Documentation point taken.
> Labels are now supported and dnsmasq is able to bind only to
> secondary IPv4 interface with different address. (Since 2.67!) It
> works well with --bind-interfaces. However it has inconsistent
> behavior with and without that option.
> Let's say my configuration is: 4: virbr0:
> <BROADCAST,MULTICAST,UP,LOWER_UP> mtu 1500 qdisc noqueue state UP
> group default qlen 1000 link/ether 52:54:00:2b:ee:d3 brd
> ff:ff:ff:ff:ff:ff inet 192.168.122.1/24 brd 192.168.122.255 scope
> global virbr0 valid_lft forever preferred_lft forever inet
> 192.168.122.254/24 scope global secondary virbr0:1 valid_lft
> forever preferred_lft forever
> $ dnsmasq -i virbr0 will respond to queries to both addresses. It
> might be useful backward compatibility feature. However $ dnsmasq
> -i virbr0:1 Will respond only on address 192.168.122.254. Ok, call
> it a feature.
> Problem is, $ dnsmasq -i virbr0 -z Will respond only on address
> 192.168.122.1, as I would expect.
> $ dnsmasq -i virbr0:1 -z Behaves the same way, as without -z.

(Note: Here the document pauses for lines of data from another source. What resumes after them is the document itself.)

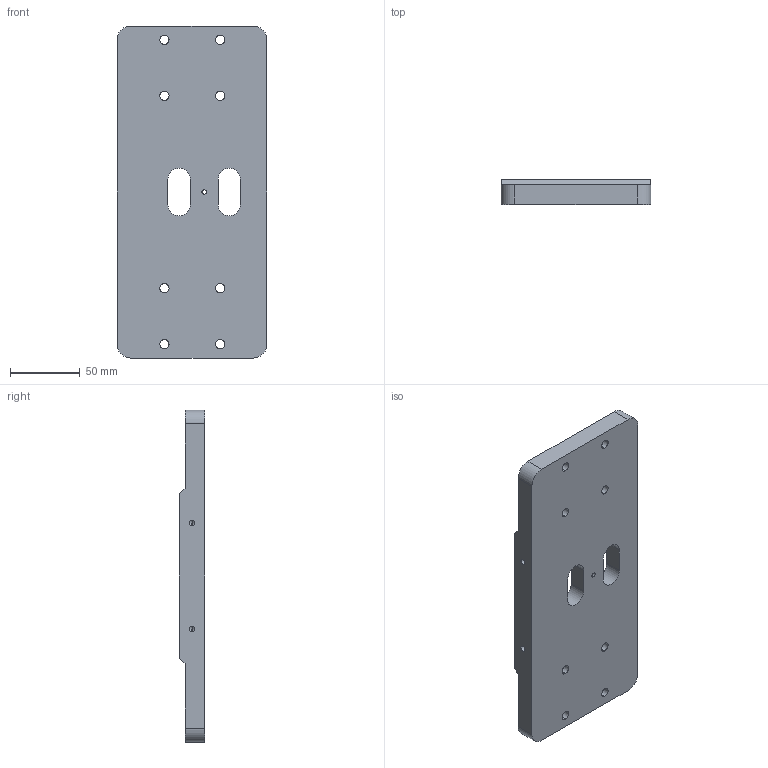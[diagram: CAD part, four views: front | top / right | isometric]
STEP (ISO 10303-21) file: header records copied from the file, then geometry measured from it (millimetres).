
FILE_DESCRIPTION (( 'STEP AP214' ), '1' );
FILE_NAME ('AGZ061.02.01_V1 2.0气囊定位板.STEP', '2021-09-22T09:05:55', ( '微软中国' ), ( 'Microsoft' ), 'SwSTEP 2.0', 'SolidWorks 2017', '' );
FILE_SCHEMA (( 'AUTOMOTIVE_DESIGN' ));
Length unit declared in the file: millimetre
Products named in the file (1): AGZ061.02.01_V1 2.0气囊定位板
Bounding box: 107.5 x 18 x 238 mm (x, y, z)
Volume: 348552.9 mm3; surface area: 66402.1 mm2
Topology: 1 solids, 1 shells, 127 faces, 312 edges, 192 vertices
Faces by surface type: cylinder 59, plane 47, cone 21
Entity records: 3848 total; most frequent: DIRECTION 690, CARTESIAN_POINT 637, ORIENTED_EDGE 610, EDGE_CURVE 305, AXIS2_PLACEMENT_3D 261, VERTEX_POINT 192, VECTOR 168, LINE 168
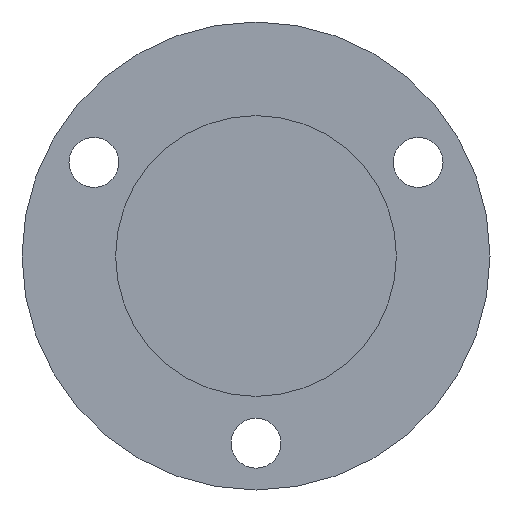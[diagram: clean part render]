
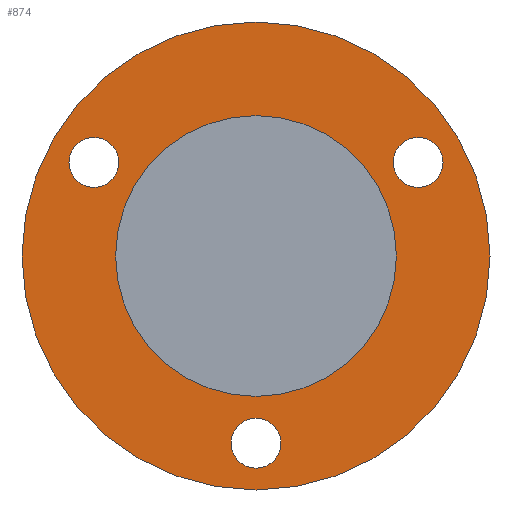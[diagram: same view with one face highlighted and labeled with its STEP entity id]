
A CAD part, front view. The second image highlights one B-rep face of the part: STEP entity #874.
In plain terms, the highlighted planar face has unit normal (0, -1, 0).
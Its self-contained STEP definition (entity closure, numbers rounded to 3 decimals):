
#16 = DIRECTION ( 'NONE',  ( 0., 0., 1. ) ) ;
#19 = EDGE_CURVE ( 'NONE', #189, #381, #60, .T. ) ;
#24 = DIRECTION ( 'NONE',  ( 0., 1., 0. ) ) ;
#30 = CARTESIAN_POINT ( 'NONE',  ( 0., 8., 0. ) ) ;
#33 = CARTESIAN_POINT ( 'NONE',  ( -10.392, 8., 6. ) ) ;
#37 = CIRCLE ( 'NONE', #521, 9. ) ;
#45 = EDGE_LOOP ( 'NONE', ( #211, #513 ) ) ;
#49 = DIRECTION ( 'NONE',  ( 0., 1., 0. ) ) ;
#51 = CIRCLE ( 'NONE', #783, 1.6 ) ;
#57 = AXIS2_PLACEMENT_3D ( 'NONE', #30, #422, #230 ) ;
#58 = EDGE_LOOP ( 'NONE', ( #373, #804 ) ) ;
#60 = CIRCLE ( 'NONE', #701, 1.6 ) ;
#66 = DIRECTION ( 'NONE',  ( 0., 0., -1. ) ) ;
#76 = ORIENTED_EDGE ( 'NONE', *, *, #232, .F. ) ;
#81 = AXIS2_PLACEMENT_3D ( 'NONE', #126, #384, #643 ) ;
#96 = ORIENTED_EDGE ( 'NONE', *, *, #447, .T. ) ;
#98 = CIRCLE ( 'NONE', #269, 1.6 ) ;
#101 = CARTESIAN_POINT ( 'NONE',  ( 0., 8., 15. ) ) ;
#106 = DIRECTION ( 'NONE',  ( 0., 1., 0. ) ) ;
#112 = CARTESIAN_POINT ( 'NONE',  ( 0., 8., 9. ) ) ;
#121 = DIRECTION ( 'NONE',  ( 0., 1., 0. ) ) ;
#126 = CARTESIAN_POINT ( 'NONE',  ( 0., 8., 0. ) ) ;
#139 = DIRECTION ( 'NONE',  ( 0., -1., 0. ) ) ;
#178 = EDGE_CURVE ( 'NONE', #595, #854, #37, .T. ) ;
#179 = DIRECTION ( 'NONE',  ( 0., 0., 1. ) ) ;
#186 = CARTESIAN_POINT ( 'NONE',  ( 10.392, 8., 7.6 ) ) ;
#189 = VERTEX_POINT ( 'NONE', #221 ) ;
#211 = ORIENTED_EDGE ( 'NONE', *, *, #726, .T. ) ;
#221 = CARTESIAN_POINT ( 'NONE',  ( 0., 8., -13.6 ) ) ;
#230 = DIRECTION ( 'NONE',  ( 0., 0., -1. ) ) ;
#232 = EDGE_CURVE ( 'NONE', #854, #595, #830, .T. ) ;
#236 = CARTESIAN_POINT ( 'NONE',  ( -10.392, 8., 6. ) ) ;
#244 = DIRECTION ( 'NONE',  ( 0., 0., 1. ) ) ;
#252 = CARTESIAN_POINT ( 'NONE',  ( 0., 8., -12. ) ) ;
#253 = AXIS2_PLACEMENT_3D ( 'NONE', #236, #121, #244 ) ;
#255 = ORIENTED_EDGE ( 'NONE', *, *, #19, .T. ) ;
#267 = CARTESIAN_POINT ( 'NONE',  ( 10.392, 8., 4.4 ) ) ;
#269 = AXIS2_PLACEMENT_3D ( 'NONE', #744, #876, #671 ) ;
#287 = EDGE_CURVE ( 'NONE', #415, #730, #789, .T. ) ;
#310 = CARTESIAN_POINT ( 'NONE',  ( 0., 8., -15. ) ) ;
#314 = VERTEX_POINT ( 'NONE', #101 ) ;
#322 = EDGE_LOOP ( 'NONE', ( #641, #76 ) ) ;
#357 = CARTESIAN_POINT ( 'NONE',  ( 10.392, 8., 6. ) ) ;
#367 = ORIENTED_EDGE ( 'NONE', *, *, #696, .T. ) ;
#373 = ORIENTED_EDGE ( 'NONE', *, *, #287, .T. ) ;
#378 = CARTESIAN_POINT ( 'NONE',  ( -9., 8., 0. ) ) ;
#381 = VERTEX_POINT ( 'NONE', #654 ) ;
#383 = DIRECTION ( 'NONE',  ( 0., 1., 0. ) ) ;
#384 = DIRECTION ( 'NONE',  ( 0., -1., 0. ) ) ;
#415 = VERTEX_POINT ( 'NONE', #526 ) ;
#422 = DIRECTION ( 'NONE',  ( 0., -1., 0. ) ) ;
#424 = VERTEX_POINT ( 'NONE', #310 ) ;
#436 = FACE_BOUND ( 'NONE', #322, .T. ) ;
#447 = EDGE_CURVE ( 'NONE', #314, #424, #724, .T. ) ;
#450 = AXIS2_PLACEMENT_3D ( 'NONE', #33, #549, #621 ) ;
#493 = CARTESIAN_POINT ( 'NONE',  ( 0., 8., -12. ) ) ;
#495 = DIRECTION ( 'NONE',  ( 0., 0., 1. ) ) ;
#502 = VERTEX_POINT ( 'NONE', #186 ) ;
#513 = ORIENTED_EDGE ( 'NONE', *, *, #656, .T. ) ;
#521 = AXIS2_PLACEMENT_3D ( 'NONE', #803, #736, #593 ) ;
#526 = CARTESIAN_POINT ( 'NONE',  ( -10.392, 8., 7.6 ) ) ;
#529 = EDGE_CURVE ( 'NONE', #381, #189, #753, .T. ) ;
#540 = VERTEX_POINT ( 'NONE', #267 ) ;
#549 = DIRECTION ( 'NONE',  ( 0., 1., 0. ) ) ;
#550 = ORIENTED_EDGE ( 'NONE', *, *, #529, .T. ) ;
#578 = CIRCLE ( 'NONE', #253, 1.6 ) ;
#593 = DIRECTION ( 'NONE',  ( 0., 0., -1. ) ) ;
#595 = VERTEX_POINT ( 'NONE', #866 ) ;
#606 = CARTESIAN_POINT ( 'NONE',  ( -10.392, 8., 4.4 ) ) ;
#621 = DIRECTION ( 'NONE',  ( 0., 0., 1. ) ) ;
#622 = CIRCLE ( 'NONE', #665, 15. ) ;
#639 = FACE_BOUND ( 'NONE', #58, .T. ) ;
#641 = ORIENTED_EDGE ( 'NONE', *, *, #178, .F. ) ;
#642 = FACE_BOUND ( 'NONE', #770, .T. ) ;
#643 = DIRECTION ( 'NONE',  ( 0., 0., -1. ) ) ;
#654 = CARTESIAN_POINT ( 'NONE',  ( 0., 8., -10.4 ) ) ;
#656 = EDGE_CURVE ( 'NONE', #540, #502, #98, .T. ) ;
#665 = AXIS2_PLACEMENT_3D ( 'NONE', #735, #139, #66 ) ;
#671 = DIRECTION ( 'NONE',  ( 0., 0., 1. ) ) ;
#696 = EDGE_CURVE ( 'NONE', #424, #314, #622, .T. ) ;
#701 = AXIS2_PLACEMENT_3D ( 'NONE', #493, #106, #495 ) ;
#713 = FACE_OUTER_BOUND ( 'NONE', #811, .T. ) ;
#724 = CIRCLE ( 'NONE', #81, 15. ) ;
#726 = EDGE_CURVE ( 'NONE', #502, #540, #51, .T. ) ;
#730 = VERTEX_POINT ( 'NONE', #606 ) ;
#735 = CARTESIAN_POINT ( 'NONE',  ( 0., 8., 0. ) ) ;
#736 = DIRECTION ( 'NONE',  ( 0., -1., 0. ) ) ;
#744 = CARTESIAN_POINT ( 'NONE',  ( 10.392, 8., 6. ) ) ;
#753 = CIRCLE ( 'NONE', #767, 1.6 ) ;
#767 = AXIS2_PLACEMENT_3D ( 'NONE', #252, #49, #860 ) ;
#770 = EDGE_LOOP ( 'NONE', ( #550, #255 ) ) ;
#771 = AXIS2_PLACEMENT_3D ( 'NONE', #378, #383, #179 ) ;
#783 = AXIS2_PLACEMENT_3D ( 'NONE', #357, #24, #16 ) ;
#786 = PLANE ( 'NONE',  #771 ) ;
#789 = CIRCLE ( 'NONE', #450, 1.6 ) ;
#803 = CARTESIAN_POINT ( 'NONE',  ( 0., 8., 0. ) ) ;
#804 = ORIENTED_EDGE ( 'NONE', *, *, #861, .T. ) ;
#811 = EDGE_LOOP ( 'NONE', ( #367, #96 ) ) ;
#830 = CIRCLE ( 'NONE', #57, 9. ) ;
#845 = FACE_BOUND ( 'NONE', #45, .T. ) ;
#854 = VERTEX_POINT ( 'NONE', #112 ) ;
#860 = DIRECTION ( 'NONE',  ( 0., 0., 1. ) ) ;
#861 = EDGE_CURVE ( 'NONE', #730, #415, #578, .T. ) ;
#866 = CARTESIAN_POINT ( 'NONE',  ( 0., 8., -9. ) ) ;
#874 = ADVANCED_FACE ( 'NONE', ( #639, #845, #642, #436, #713 ), #786, .F. ) ;
#876 = DIRECTION ( 'NONE',  ( 0., 1., 0. ) ) ;
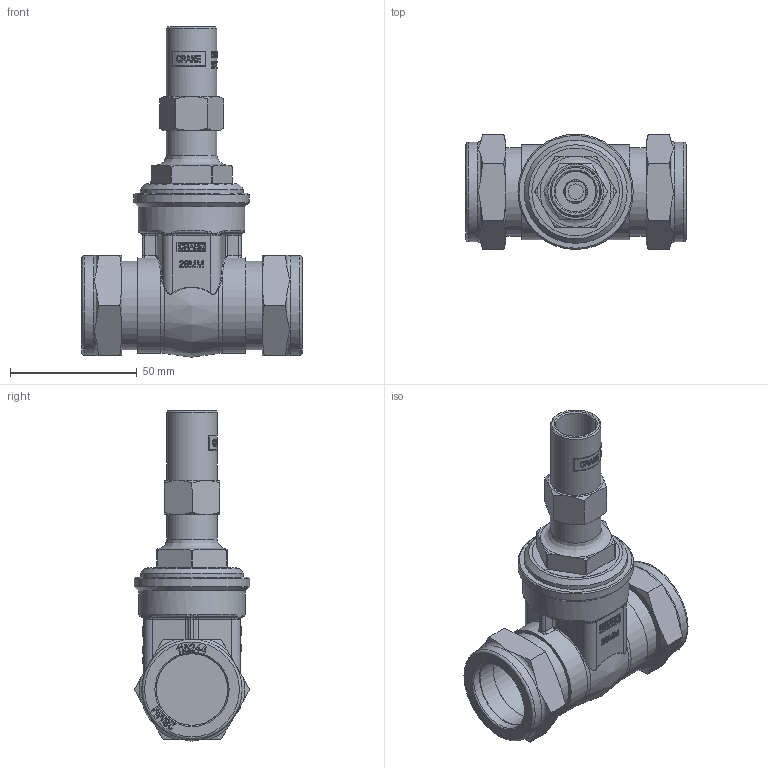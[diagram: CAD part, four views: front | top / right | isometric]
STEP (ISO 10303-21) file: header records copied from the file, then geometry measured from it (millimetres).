
FILE_DESCRIPTION((''),'2;1');
FILE_NAME('P:\Fastrack\53972_CRANE 3D\Gate Valves\Work Space\Lockshield\D255C_28mm\D255C_28mm.stp','2011-03-14T11:06:35',('btaylor'),(''),'Autodesk Inventor 2008','Autodesk Inventor 2008','');
FILE_SCHEMA(('AUTOMOTIVE_DESIGN { 1 0 10303 214 1 1 1 1 }'));
Length unit declared in the file: millimetre
Products named in the file (1): D255C_28mm
Bounding box: 87.09 x 45.61 x 130.4 mm (x, y, z)
Volume: 131026.6 mm3; surface area: 33697.5 mm2
Topology: 1 solids, 3 shells, 1317 faces, 3461 edges, 2259 vertices
Faces by surface type: plane 627, bspline 482, cylinder 130, cone 60, torus 18
Full cylindrical faces by diameter (mm): 6 x1, 9 x1, 9.5 x1, 16 x1, 18.376 x1, 20 x2, 28.225 x2, 28.25 x2, 28.3 x2, 34.565 x1, 35 x4, 37.6 x2, 39.4 x2, 40.7 x1, 42 x1, 45.5 x1
Entity records: 105313 total; most frequent: CARTESIAN_POINT 75299, ORIENTED_EDGE 6762, DIRECTION 4346, EDGE_CURVE 3381, VERTEX_POINT 2238, VECTOR 1752, LINE 1752, EDGE_LOOP 1489

> I think different behavior is an error. It might be a feature, but
> even then, it has to be documented. Opinions?
The different behavior is certainly undesirable, and can be fixed.
Unfortunately, I can only see how to easily fix it so that the
- --bind-interfaces case works the same way as the default.
The problem is that the sockets API tells you the interface that the
packet arrived on, and that's what's checked with -i. In your example,
queries send to 192.168.122.1 and 192.168.122.254 both arrive at
interface virbr0, so there's no easy way to tell them apart, except by
looking at the address they were sent to and correlating that with the
list of interfaces and their addresses .
That requires an up-to-date list of all interfaces, which means, if
you're going to behave well in the face of interfaces and addresses
coming and going, enumerating the list for every packet received,
which will likely kill performance.
My feeling is that consistency is good, so I'll certainly make a
change, the question is, is the current behaviour of -i <interface
name> as encompassing _all_ addresses associated with the interface OK?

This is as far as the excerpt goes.